This work addresses the safety navigation challenge for multirotor UAVs operating in dynamic, unknown environments where persistent localization and mapping capabilities are unavailable. We propose a lightweight, onboard range-sensing–only obstacle avoidance method—relying solely on real-time distance measurements (e.g., ultrasonic or time-of-flight sensors). Our key contribution is the first design and integration of a composite Control Barrier Function (CBF) as a real-time safety filter directly into the PX4 flight control stack, enabling theoretically guaranteed collision avoidance without SLAM or prior global map knowledge and achieving millisecond-level response. The architecture is experimentally validated on small multirotor platforms: it achieves robust, real-time obstacle avoidance under high-dynamic maneuvers, significantly enhancing flight safety and practical deployability in complex, unstructured environments.
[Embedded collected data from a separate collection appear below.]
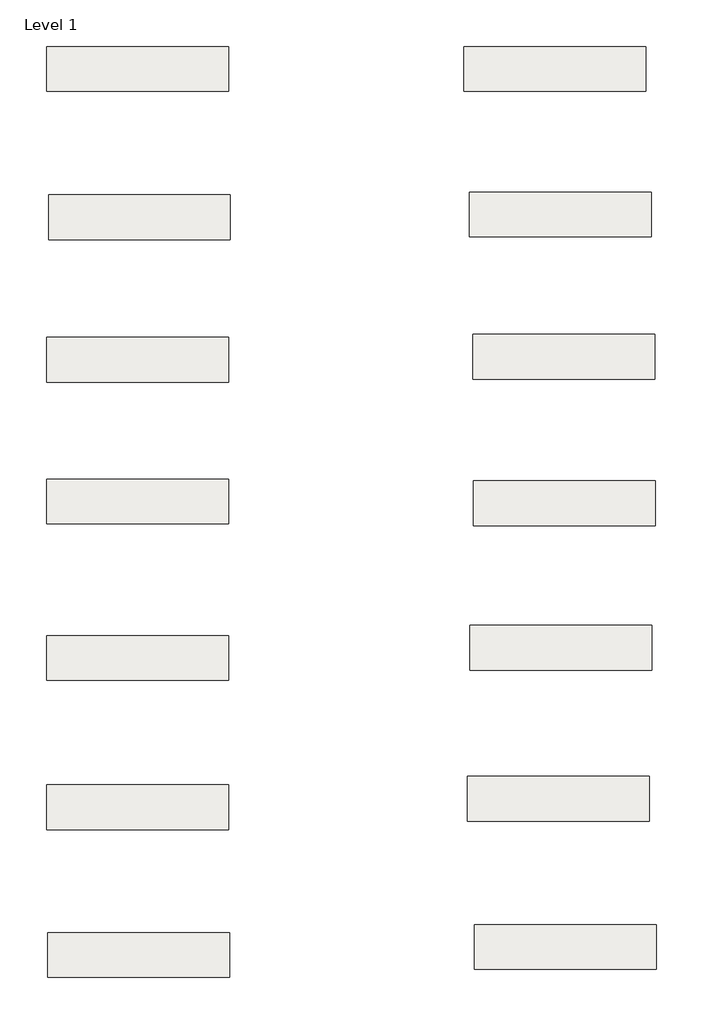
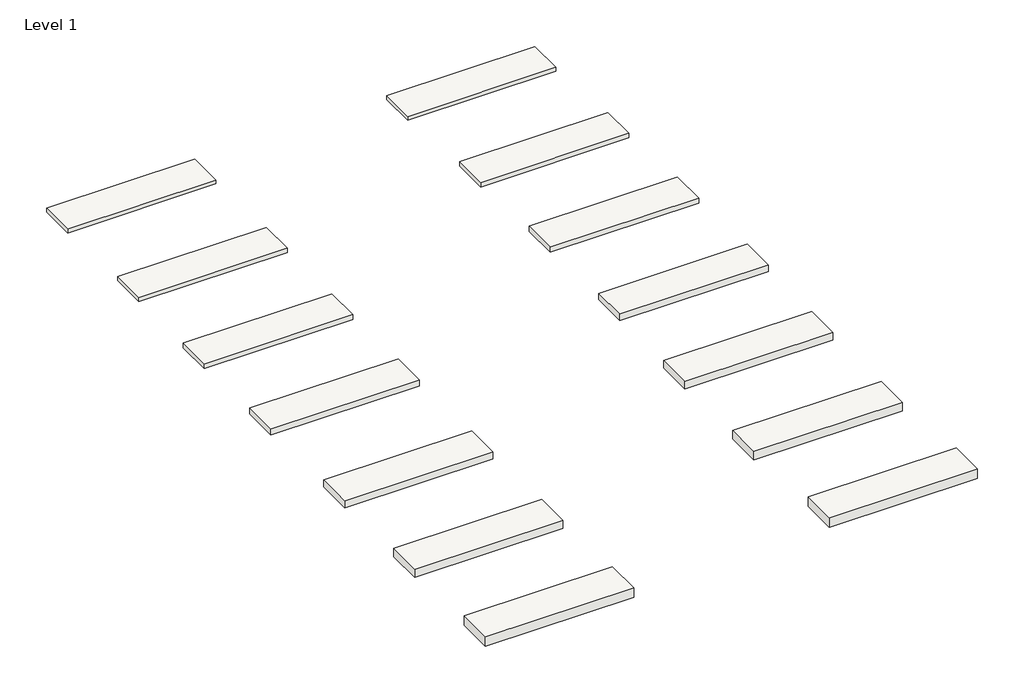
# One storey: 14 roofs.
"""IFC4 building model written with IfcOpenShell, lengths in millimetres."""

from ifc_helpers import new_model, si_unit, origin, origin_with_axes, place, context, project, spatial, polyline, outline, extrude, element, save

model = new_model("IFC4")

# Units and contexts
model_context = context("Model", 3, world=origin())
ifc_project = project(units=[si_unit("LENGTHUNIT", "METRE", prefix="MILLI")], contexts=[model_context])

# Site, building, storey
site = spatial("IfcSite", under=ifc_project)
building = spatial("IfcBuilding", under=site)
storey = spatial("IfcBuildingStorey", under=building, Name="Level 1", Elevation=0.0)

# Roofs
placement = place(None, origin())
element("IfcRoof", 1, ObjectType="Panel Thermochip TFH 9-40-16 (2440x600)", at=placement, inside=storey, context=model_context, shape_type="SweptSolid", body=[
    extrude(outline(polyline([(-22078.9678788, 6399.8223879), (-19638.9678788, 6399.8223879), (-19638.9678788, 5799.8223879), (-22078.9678788, 5799.8223879), (-22078.9678788, 6399.8223879)])), origin_with_axes(), (0.0, 0.0, 1.0), 65.0),
])
element("IfcRoof", 2, ObjectType="Panel Thermochip TFH 9-50-16 (2440x600)", at=placement, inside=storey, context=model_context, shape_type="SweptSolid", body=[
    extrude(outline(polyline([(-22052.6493894, 4410.3190053), (-19612.6493894, 4410.3190053), (-19612.6493894, 3810.3190053), (-22052.6493894, 3810.3190053), (-22052.6493894, 4410.3190053)])), origin_with_axes(), (0.0, 0.0, 1.0), 75.0),
])
element("IfcRoof", 3, ObjectType="Panel Thermochip TFH 9-60-16 (2440x600)", at=placement, inside=storey, context=model_context, shape_type="SweptSolid", body=[
    extrude(outline(polyline([(-22078.9678788, 2499.8223879), (-19638.9678788, 2499.8223879), (-19638.9678788, 1899.8223879), (-22078.9678788, 1899.8223879), (-22078.9678788, 2499.8223879)])), origin_with_axes(), (0.0, 0.0, 1.0), 85.0),
])
element("IfcRoof", 4, ObjectType="Panel Thermochip TFH 9-80-16 (2440x600)", at=placement, inside=storey, context=model_context, shape_type="SweptSolid", body=[
    extrude(outline(polyline([(-22078.9678788, 599.8223879), (-19638.9678788, 599.8223879), (-19638.9678788, -0.1776121), (-22078.9678788, -0.1776121), (-22078.9678788, 599.8223879)])), origin_with_axes(), (0.0, 0.0, 1.0), 105.0),
])
element("IfcRoof", 5, ObjectType="Panel Thermochip TFH 9-100-16 (2440x600)", at=placement, inside=storey, context=model_context, shape_type="SweptSolid", body=[
    extrude(outline(polyline([(-22078.9678788, -1500.1776121), (-19638.9678788, -1500.1776121), (-19638.9678788, -2100.1776121), (-22078.9678788, -2100.1776121), (-22078.9678788, -1500.1776121)])), origin_with_axes(), (0.0, 0.0, 1.0), 125.0),
])
element("IfcRoof", 6, ObjectType="Panel Thermochip TFH 9-120-16 (2440x600)", at=placement, inside=storey, context=model_context, shape_type="SweptSolid", body=[
    extrude(outline(polyline([(-22078.9678788, -3500.1776121), (-19638.9678788, -3500.1776121), (-19638.9678788, -4100.1776121), (-22078.9678788, -4100.1776121), (-22078.9678788, -3500.1776121)])), origin_with_axes(), (0.0, 0.0, 1.0), 145.0),
])
element("IfcRoof", 7, ObjectType="Panel Thermochip TFH 9-140-16 (2440x600)", at=placement, inside=storey, context=model_context, shape_type="SweptSolid", body=[
    extrude(outline(polyline([(-22061.6630448, -5482.8727782), (-19621.6630448, -5482.8727782), (-19621.6630448, -6082.8727782), (-22061.6630448, -6082.8727782), (-22061.6630448, -5482.8727782)])), origin_with_axes(), (0.0, 0.0, 1.0), 165.0),
])
element("IfcRoof", 8, ObjectType="Panel Thermochip TFH 9-40-19 (2440x600)", at=placement, inside=storey, context=model_context, shape_type="SweptSolid", body=[
    extrude(outline(polyline([(-16478.9678788, 6399.8223879), (-14038.9678788, 6399.8223879), (-14038.9678788, 5799.8223879), (-16478.9678788, 5799.8223879), (-16478.9678788, 6399.8223879)])), origin_with_axes(), (0.0, 0.0, 1.0), 68.0),
])
element("IfcRoof", 9, ObjectType="Panel Thermochip TFH 9-50-19 (2440x600)", at=placement, inside=storey, context=model_context, shape_type="SweptSolid", body=[
    extrude(outline(polyline([(-16405.8564252, 4446.4134612), (-13965.8564252, 4446.4134612), (-13965.8564252, 3846.4134612), (-16405.8564252, 3846.4134612), (-16405.8564252, 4446.4134612)])), origin_with_axes(), (0.0, 0.0, 1.0), 78.0),
])
element("IfcRoof", 10, ObjectType="Panel Thermochip TFH 9-60-19 (2440x600)", at=placement, inside=storey, context=model_context, shape_type="SweptSolid", body=[
    extrude(outline(polyline([(-16358.6086281, 2541.391354), (-13918.6086281, 2541.391354), (-13918.6086281, 1941.391354), (-16358.6086281, 1941.391354), (-16358.6086281, 2541.391354)])), origin_with_axes(), (0.0, 0.0, 1.0), 88.0),
])
element("IfcRoof", 11, ObjectType="Panel Thermochip TFH 9-80-19 (2440x600)", at=placement, inside=storey, context=model_context, shape_type="SweptSolid", body=[
    extrude(outline(polyline([(-16347.2954523, 576.6073898), (-13907.2954523, 576.6073898), (-13907.2954523, -23.3926102), (-16347.2954523, -23.3926102), (-16347.2954523, 576.6073898)])), origin_with_axes(), (0.0, 0.0, 1.0), 108.0),
])
element("IfcRoof", 12, ObjectType="Panel Thermochip TFH 9-100-19 (2440x600)", at=placement, inside=storey, context=model_context, shape_type="SweptSolid", body=[
    extrude(outline(polyline([(-16398.0967454, -1361.1337657), (-13958.0967454, -1361.1337657), (-13958.0967454, -1961.1337657), (-16398.0967454, -1961.1337657), (-16398.0967454, -1361.1337657)])), origin_with_axes(), (0.0, 0.0, 1.0), 128.0),
])
element("IfcRoof", 13, ObjectType="Panel Thermochip TFH 9-120-19 (2440x600)", at=placement, inside=storey, context=model_context, shape_type="SweptSolid", body=[
    extrude(outline(polyline([(-16428.9678788, -3386.2646749), (-13988.9678788, -3386.2646749), (-13988.9678788, -3986.2646749), (-16428.9678788, -3986.2646749), (-16428.9678788, -3386.2646749)])), origin_with_axes(), (0.0, 0.0, 1.0), 148.0),
])
element("IfcRoof", 14, ObjectType="Panel Thermochip TFH 9-140-19 (2440x600)", at=placement, inside=storey, context=model_context, shape_type="SweptSolid", body=[
    extrude(outline(polyline([(-16336.3058558, -5374.3796186), (-13896.3058558, -5374.3796186), (-13896.3058558, -5974.3796186), (-16336.3058558, -5974.3796186), (-16336.3058558, -5374.3796186)])), origin_with_axes(), (0.0, 0.0, 1.0), 168.0),
])

save(model, "model.ifc")

Aiming to promote the wide adoption of safety filters for autonomous aerial robots, this paper presents a safe control architecture designed for seamless integration into widely used open-source autopilots. Departing from methods that require consistent localization and mapping, we formalize the obstacle avoidance problem as a composite control barrier function constructed only from the online onboard range measurements. The proposed framework acts as a safety filter, modifying the acceleration references derived by the nominal position/velocity control loops, and is integrated into the PX4 autopilot stack. Experimental studies using a small multirotor aerial robot demonstrate the effectiveness and performance of the solution within dynamic maneuvering and unknown environments.